**WORK TO COMPLETE**
The whole listing is to be written out again exactly; the pictures are not.

::: DATA EXTRACT :::

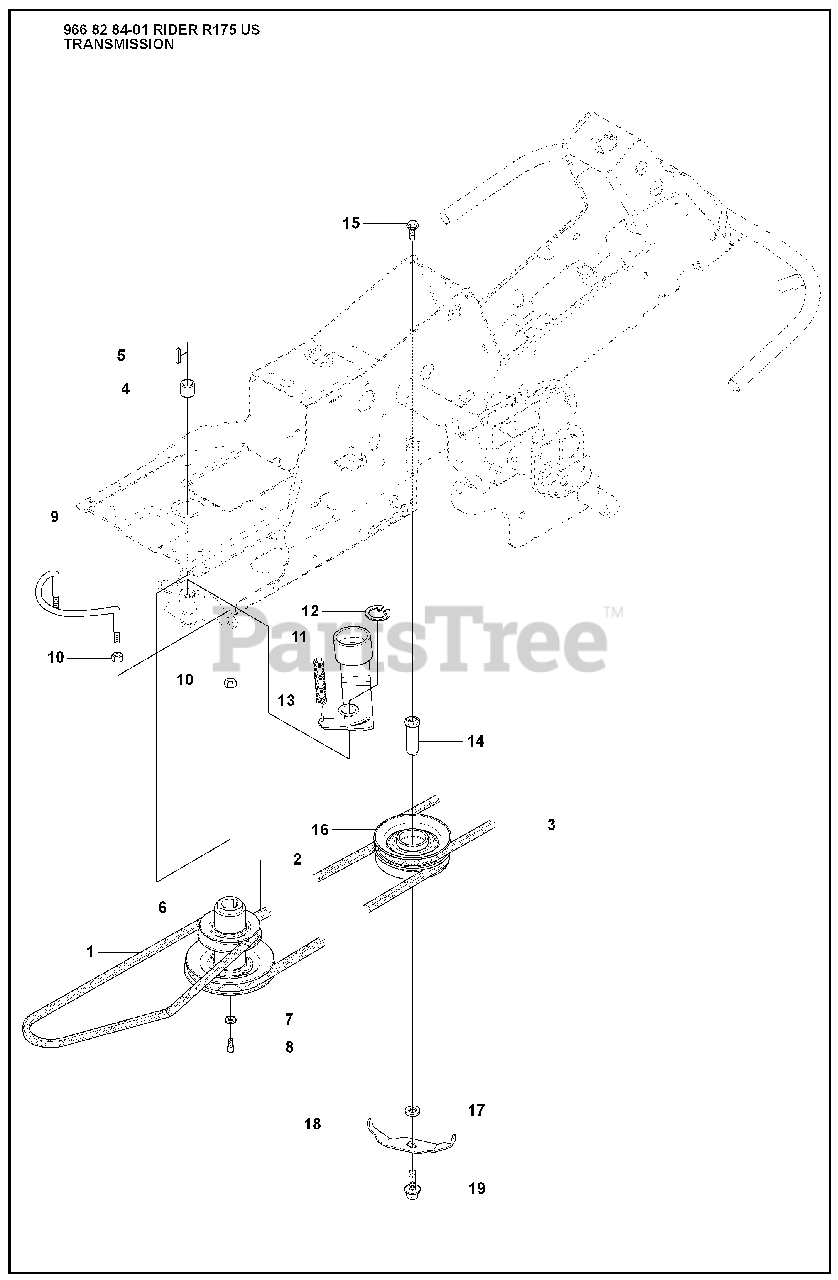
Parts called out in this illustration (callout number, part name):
1	BELT
2	BELT
3	BELT
9	Belt Guide
10	NUT
12	RETAINING RING SGA 25
14	SHAFT
18	BELT GUIDE
19	BOLT

:::

**OUTPUT BELOW**
Parts called out in this illustration (callout number, part name):
1	BELT
2	BELT
3	BELT
9	Belt Guide
10	NUT
12	RETAINING RING SGA 25
14	SHAFT
18	BELT GUIDE
19	BOLT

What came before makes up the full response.